What to produce
Output the data verbatim, minus the images.

Records from a collection:
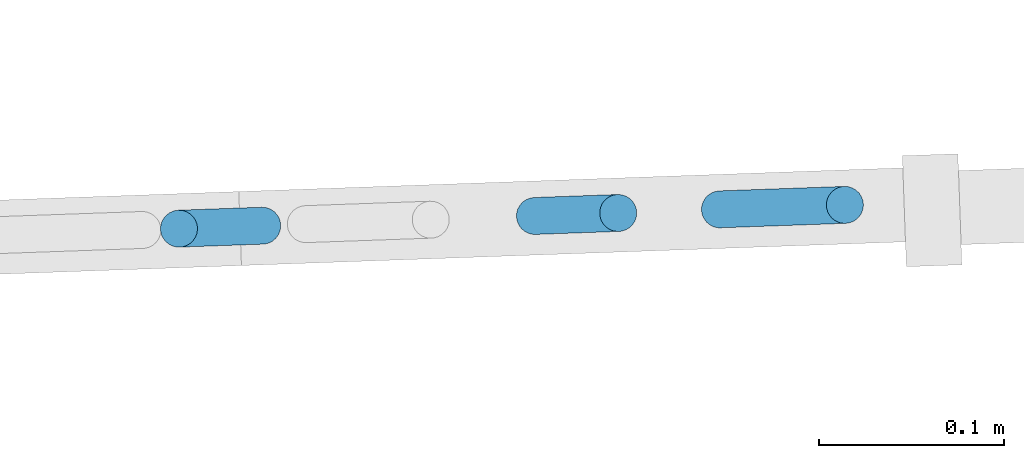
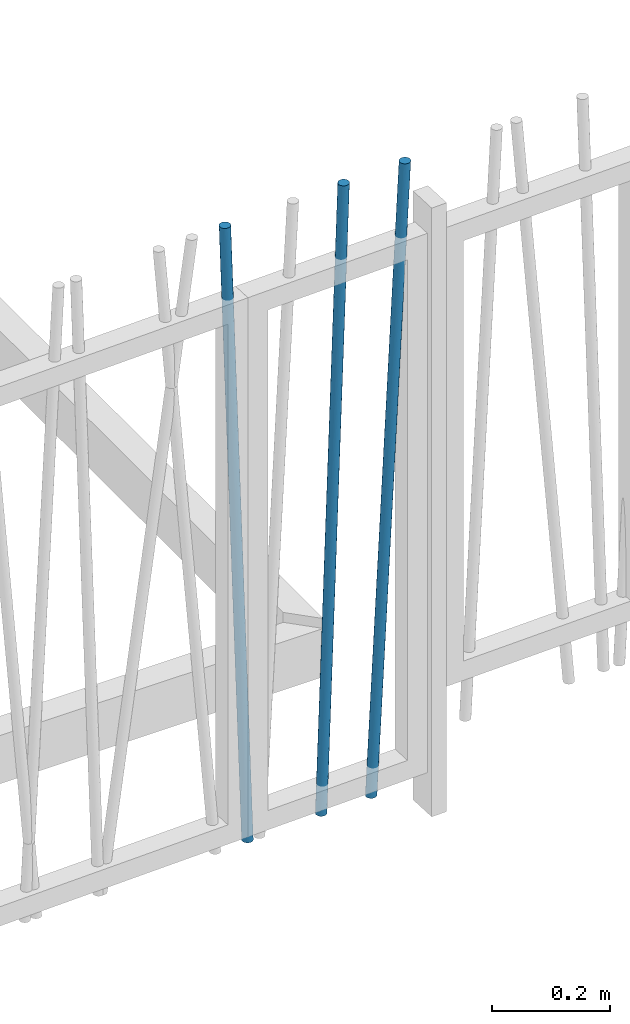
# One storey, part 13 of 171: 3 columns.
"""IFC2X3 building model written with IfcOpenShell, lengths in millimetres."""

from ifc_helpers import new_model, entity, si_unit, converted_unit, derived_unit, money_unit, direction, frame, origin_with_axes, origin_2d_with_axis, place, context, subcontext, project, spatial, circle, extrude, clip, halfspace, material, type_object, element, save


model = new_model("IFC2X3")

# Units and contexts
model_context = context("Model", 3, precision=0.01, world=origin_with_axes(), true_north=direction((0.0, 1.0)))
body_context = subcontext(model_context, "Body", "Model", "MODEL_VIEW")
ifc_project = project(units=[si_unit("LENGTHUNIT", "METRE", prefix="MILLI"), si_unit("AREAUNIT", "SQUARE_METRE"), si_unit("VOLUMEUNIT", "CUBIC_METRE"), converted_unit("PLANEANGLEUNIT", "DEGREE", entity("IfcPlaneAngleMeasure", 0.0174532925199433), si_unit("PLANEANGLEUNIT", "RADIAN"), dimensions=[0, 0, 0, 0, 0, 0, 0]), money_unit("USD"), converted_unit("TIMEUNIT", "Year", entity("IfcTimeMeasure", 31557600.0), si_unit("TIMEUNIT", "SECOND"), dimensions=[0, 0, 1, 0, 0, 0, 0]), si_unit("MASSUNIT", "GRAM", prefix="KILO"), si_unit("THERMODYNAMICTEMPERATUREUNIT", "DEGREE_CELSIUS"), si_unit("LUMINOUSINTENSITYUNIT", "LUMEN"), si_unit("ENERGYUNIT", "JOULE", prefix="MEGA"), derived_unit("THERMALCONDUCTANCEUNIT", [(si_unit("POWERUNIT", "WATT"), 1), (si_unit("LENGTHUNIT", "METRE"), -1), (si_unit("THERMODYNAMICTEMPERATUREUNIT", "KELVIN"), -1)]), derived_unit("SPECIFICHEATCAPACITYUNIT", [(si_unit("ENERGYUNIT", "JOULE"), 1), (si_unit("MASSUNIT", "GRAM", prefix="KILO"), -1), (si_unit("THERMODYNAMICTEMPERATUREUNIT", "KELVIN"), -1)]), derived_unit("MASSDENSITYUNIT", [(si_unit("MASSUNIT", "GRAM", prefix="KILO"), 1), (si_unit("VOLUMEUNIT", "CUBIC_METRE"), -1)])], contexts=[model_context])

# Site, building, storey
site_placement = place(None, origin_with_axes())
site = spatial("IfcSite", under=ifc_project, at=site_placement, Name="Site", CompositionType="ELEMENT")
building_placement = place(site_placement, origin_with_axes())
building = spatial("IfcBuilding", under=site, at=building_placement, Name="Bâtiment", CompositionType="ELEMENT")
storey_placement = place(building_placement, frame((0.0, 0.0, 3000.0), z_axis=(0.0, 0.0, 1.0), x_axis=(1.0, 0.0, 0.0)))
storey = spatial("IfcBuildingStorey", under=building, at=storey_placement, Name="rdc", CompositionType="ELEMENT", Elevation=3000.0)

# Columns
ifc_material = material(Name="Empty Fill 2959611567")
column_type = type_object("IfcColumnType", Name="Empty Fill 2959611567 D20", PredefinedType="NOTDEFINED")
column_1_placement = place(storey_placement, frame((2254056.002498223, -666825.8271042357, -2038.204478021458), z_axis=(0.0, 0.0, 1.0), x_axis=(0.03567989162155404, -0.9993632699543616, 0.0)))
element("IfcColumn", 1, at=column_1_placement, inside=storey, type_object=column_type, material=ifc_material, Name="Pilier-019", context=body_context, shape_type="Clipping", body=[
    clip(clip(extrude(circle(Radius=10.0, at=origin_2d_with_axis()), frame((0.0, -0.02437434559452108, -0.6979899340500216), z_axis=(0.0, -0.03489949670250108, -0.9993908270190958), x_axis=(-1.0, 0.0, 0.0)), (0.0, 0.0, -1.0), 1290.386526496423), halfspace(frame((0.0, 0.0, 0.0), z_axis=(0.0, 0.0, 1.0), x_axis=(0.0, -1.0, 0.0)), True)), halfspace(frame((0.0, 0.0, 1288.204478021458), z_axis=(0.0, 0.0, -1.0), x_axis=(0.0, 1.0, 0.0)), True)),
])
column_2_placement = place(storey_placement, frame((2254155.983399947, -666822.2575236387, -2038.204478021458), z_axis=(0.0, 0.0, 1.0), x_axis=(0.03567989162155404, -0.9993632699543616, 0.0)))
element("IfcColumn", 2, at=column_2_placement, inside=storey, type_object=column_type, material=ifc_material, Name="Pilier-019", context=body_context, shape_type="Clipping", body=[
    clip(clip(extrude(circle(Radius=10.0, at=origin_2d_with_axis()), frame((0.0, -0.05485622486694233, -1.046719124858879), z_axis=(0.0, -0.05233595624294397, -0.9986295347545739), x_axis=(-1.0, 0.0, 0.0)), (0.0, 0.0, -1.0), 1292.068651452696), halfspace(frame((0.0, 0.0, 0.0), z_axis=(0.0, 0.0, 1.0), x_axis=(0.0, -1.0, 0.0)), True)), halfspace(frame((0.0, 0.0, 1288.204478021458), z_axis=(0.0, 0.0, -1.0), x_axis=(0.0, 1.0, 0.0)), True)),
])
column_3_placement = place(storey_placement, frame((2253908.630608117, -666831.0886674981, -2038.204478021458), z_axis=(0.0, 0.0, 1.0), x_axis=(-0.03567989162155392, 0.9993632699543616, 0.0)))
element("IfcColumn", 3, at=column_3_placement, inside=storey, type_object=column_type, material=ifc_material, Name="Pilier-019", context=body_context, shape_type="Clipping", body=[
    clip(clip(extrude(circle(Radius=10.0, at=origin_2d_with_axis()), frame((0.0, -0.02437434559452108, -0.6979899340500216), z_axis=(0.0, 0.03489949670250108, 0.9993908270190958), x_axis=(1.0, 0.0, 0.0)), (0.0, 0.0, 1.0), 1290.386526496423), halfspace(frame((0.0, 0.0, 0.0), z_axis=(0.0, 0.0, 1.0), x_axis=(0.0, -1.0, 0.0)), True)), halfspace(frame((0.0, 0.0, 1288.204478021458), z_axis=(0.0, 0.0, -1.0), x_axis=(0.0, 1.0, 0.0)), True)),
])

save(model, "model.ifc")

Completed task
# One storey, part 13 of 171: 3 columns.
"""IFC2X3 building model written with IfcOpenShell, lengths in millimetres."""

from ifc_helpers import new_model, entity, si_unit, converted_unit, derived_unit, money_unit, direction, frame, origin_with_axes, origin_2d_with_axis, place, context, subcontext, project, spatial, circle, extrude, clip, halfspace, material, type_object, element, save


model = new_model("IFC2X3")

# Units and contexts
model_context = context("Model", 3, precision=0.01, world=origin_with_axes(), true_north=direction((0.0, 1.0)))
body_context = subcontext(model_context, "Body", "Model", "MODEL_VIEW")
ifc_project = project(units=[si_unit("LENGTHUNIT", "METRE", prefix="MILLI"), si_unit("AREAUNIT", "SQUARE_METRE"), si_unit("VOLUMEUNIT", "CUBIC_METRE"), converted_unit("PLANEANGLEUNIT", "DEGREE", entity("IfcPlaneAngleMeasure", 0.0174532925199433), si_unit("PLANEANGLEUNIT", "RADIAN"), dimensions=[0, 0, 0, 0, 0, 0, 0]), money_unit("USD"), converted_unit("TIMEUNIT", "Year", entity("IfcTimeMeasure", 31557600.0), si_unit("TIMEUNIT", "SECOND"), dimensions=[0, 0, 1, 0, 0, 0, 0]), si_unit("MASSUNIT", "GRAM", prefix="KILO"), si_unit("THERMODYNAMICTEMPERATUREUNIT", "DEGREE_CELSIUS"), si_unit("LUMINOUSINTENSITYUNIT", "LUMEN"), si_unit("ENERGYUNIT", "JOULE", prefix="MEGA"), derived_unit("THERMALCONDUCTANCEUNIT", [(si_unit("POWERUNIT", "WATT"), 1), (si_unit("LENGTHUNIT", "METRE"), -1), (si_unit("THERMODYNAMICTEMPERATUREUNIT", "KELVIN"), -1)]), derived_unit("SPECIFICHEATCAPACITYUNIT", [(si_unit("ENERGYUNIT", "JOULE"), 1), (si_unit("MASSUNIT", "GRAM", prefix="KILO"), -1), (si_unit("THERMODYNAMICTEMPERATUREUNIT", "KELVIN"), -1)]), derived_unit("MASSDENSITYUNIT", [(si_unit("MASSUNIT", "GRAM", prefix="KILO"), 1), (si_unit("VOLUMEUNIT", "CUBIC_METRE"), -1)])], contexts=[model_context])

# Site, building, storey
site_placement = place(None, origin_with_axes())
site = spatial("IfcSite", under=ifc_project, at=site_placement, Name="Site", CompositionType="ELEMENT")
building_placement = place(site_placement, origin_with_axes())
building = spatial("IfcBuilding", under=site, at=building_placement, Name="Bâtiment", CompositionType="ELEMENT")
storey_placement = place(building_placement, frame((0.0, 0.0, 3000.0), z_axis=(0.0, 0.0, 1.0), x_axis=(1.0, 0.0, 0.0)))
storey = spatial("IfcBuildingStorey", under=building, at=storey_placement, Name="rdc", CompositionType="ELEMENT", Elevation=3000.0)

# Columns
ifc_material = material(Name="Empty Fill 2959611567")
column_type = type_object("IfcColumnType", Name="Empty Fill 2959611567 D20", PredefinedType="NOTDEFINED")
column_1_placement = place(storey_placement, frame((2254056.002498223, -666825.8271042357, -2038.204478021458), z_axis=(0.0, 0.0, 1.0), x_axis=(0.03567989162155404, -0.9993632699543616, 0.0)))
element("IfcColumn", 1, at=column_1_placement, inside=storey, type_object=column_type, material=ifc_material, Name="Pilier-019", context=body_context, shape_type="Clipping", body=[
    clip(clip(extrude(circle(Radius=10.0, at=origin_2d_with_axis()), frame((0.0, -0.02437434559452108, -0.6979899340500216), z_axis=(0.0, -0.03489949670250108, -0.9993908270190958), x_axis=(-1.0, 0.0, 0.0)), (0.0, 0.0, -1.0), 1290.386526496423), halfspace(frame((0.0, 0.0, 0.0), z_axis=(0.0, 0.0, 1.0), x_axis=(0.0, -1.0, 0.0)), True)), halfspace(frame((0.0, 0.0, 1288.204478021458), z_axis=(0.0, 0.0, -1.0), x_axis=(0.0, 1.0, 0.0)), True)),
])
column_2_placement = place(storey_placement, frame((2254155.983399947, -666822.2575236387, -2038.204478021458), z_axis=(0.0, 0.0, 1.0), x_axis=(0.03567989162155404, -0.9993632699543616, 0.0)))
element("IfcColumn", 2, at=column_2_placement, inside=storey, type_object=column_type, material=ifc_material, Name="Pilier-019", context=body_context, shape_type="Clipping", body=[
    clip(clip(extrude(circle(Radius=10.0, at=origin_2d_with_axis()), frame((0.0, -0.05485622486694233, -1.046719124858879), z_axis=(0.0, -0.05233595624294397, -0.9986295347545739), x_axis=(-1.0, 0.0, 0.0)), (0.0, 0.0, -1.0), 1292.068651452696), halfspace(frame((0.0, 0.0, 0.0), z_axis=(0.0, 0.0, 1.0), x_axis=(0.0, -1.0, 0.0)), True)), halfspace(frame((0.0, 0.0, 1288.204478021458), z_axis=(0.0, 0.0, -1.0), x_axis=(0.0, 1.0, 0.0)), True)),
])
column_3_placement = place(storey_placement, frame((2253908.630608117, -666831.0886674981, -2038.204478021458), z_axis=(0.0, 0.0, 1.0), x_axis=(-0.03567989162155392, 0.9993632699543616, 0.0)))
element("IfcColumn", 3, at=column_3_placement, inside=storey, type_object=column_type, material=ifc_material, Name="Pilier-019", context=body_context, shape_type="Clipping", body=[
    clip(clip(extrude(circle(Radius=10.0, at=origin_2d_with_axis()), frame((0.0, -0.02437434559452108, -0.6979899340500216), z_axis=(0.0, 0.03489949670250108, 0.9993908270190958), x_axis=(1.0, 0.0, 0.0)), (0.0, 0.0, 1.0), 1290.386526496423), halfspace(frame((0.0, 0.0, 0.0), z_axis=(0.0, 0.0, 1.0), x_axis=(0.0, -1.0, 0.0)), True)), halfspace(frame((0.0, 0.0, 1288.204478021458), z_axis=(0.0, 0.0, -1.0), x_axis=(0.0, 1.0, 0.0)), True)),
])

save(model, "model.ifc")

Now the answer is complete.